Hill, 244 F.Supp.2d at 1325. Were we to award Hill the relief she seeks, we would
be retroactively determining that the FUSC originally levied by BellSouth, that was
filed with and approved by the FCC, was unreasonable. The fact that Hill
challenges BellSouth's representation of the FUSC––rather than the FUSC
itself––does not alter our analysis: “[a] regulated entity's alleged fraud does not
create a right to a reasonable rate that exists independently of agency action.”
Taffet, 967 F.2d at 1494-95. Thus, Hill's remaining two claims are also barred by
the nonjusticiability principle underlying the filed rate doctrine.

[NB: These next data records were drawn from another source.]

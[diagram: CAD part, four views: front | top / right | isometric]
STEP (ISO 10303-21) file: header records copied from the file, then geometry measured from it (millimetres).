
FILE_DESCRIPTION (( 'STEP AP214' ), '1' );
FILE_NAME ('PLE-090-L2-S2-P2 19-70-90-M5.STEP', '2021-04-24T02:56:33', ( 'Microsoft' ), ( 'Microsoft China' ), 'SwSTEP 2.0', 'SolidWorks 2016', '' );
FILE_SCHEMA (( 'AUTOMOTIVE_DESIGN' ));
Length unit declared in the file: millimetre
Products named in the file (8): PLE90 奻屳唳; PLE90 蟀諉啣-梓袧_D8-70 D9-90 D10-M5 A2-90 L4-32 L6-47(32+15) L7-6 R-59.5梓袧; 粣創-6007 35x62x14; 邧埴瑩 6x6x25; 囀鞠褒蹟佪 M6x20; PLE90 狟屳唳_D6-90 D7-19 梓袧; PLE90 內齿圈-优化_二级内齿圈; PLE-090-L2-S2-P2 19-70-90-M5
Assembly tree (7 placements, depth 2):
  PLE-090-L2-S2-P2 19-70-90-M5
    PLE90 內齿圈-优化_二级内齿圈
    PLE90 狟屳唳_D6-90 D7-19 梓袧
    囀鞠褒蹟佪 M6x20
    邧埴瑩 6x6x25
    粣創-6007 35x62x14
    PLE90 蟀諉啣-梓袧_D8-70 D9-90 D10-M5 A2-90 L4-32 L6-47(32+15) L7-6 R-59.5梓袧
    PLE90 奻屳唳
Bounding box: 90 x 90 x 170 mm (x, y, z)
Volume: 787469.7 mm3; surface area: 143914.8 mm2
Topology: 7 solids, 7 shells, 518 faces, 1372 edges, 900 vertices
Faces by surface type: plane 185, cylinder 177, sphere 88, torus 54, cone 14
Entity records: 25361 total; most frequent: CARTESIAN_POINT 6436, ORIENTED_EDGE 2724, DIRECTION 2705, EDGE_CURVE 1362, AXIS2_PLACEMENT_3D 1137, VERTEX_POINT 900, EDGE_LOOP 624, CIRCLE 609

We therefore hold that Hill's two remaining claims implicate the filed rate
doctrine because she seeks purely monetary damages as relief. Thus, these two
claims raise substantial questions of federal law, and federal question jurisdiction
should have attached. For that reason, the district court erred when it denied
BellSouth's motion to dismiss these claims and instead remanded them to their
state court of origin.
III. CONCLUSION
Because we find that the district court erred by refusing to allow federal
question jurisdiction for Hill's two remaining state-law causes of action, we
17
REVERSE the judgment of the district court denying BellSouth's motion to
dismiss these two claims. Accordingly, we REMAND this case with instructions
to grant BellSouth's motion to dismiss these claims as barred under the filed rate
doctrine.
18
EDMONDSON, Chief Judge, dissenting:
I would affirm the district court’s decision to remand to state court the
remaining claims. I think today’s court extends the judge-made filed-rate doctrine
too far: Congress intended not to remove from the states the power to prevent
deceptive trade practices along the lines alleged by Hill in her claims for violation
of the Georgia Unfair Trade Practices Act and for fraud and negligent
misrepresentation. Cf. AT&T v. Cent. Office Tel., Inc., 118 S.Ct. 1956, 1966-67
(1998) (Rehnquist, C. J. concurring) (stating, “The filed rate doctrine’s purpose is
to ensure that the filed rates are the exclusive source of the terms and conditions by
which the common carrier provides to its customers the services covered by the
tariff. It does not serve as a shield against all actions based in state law.”).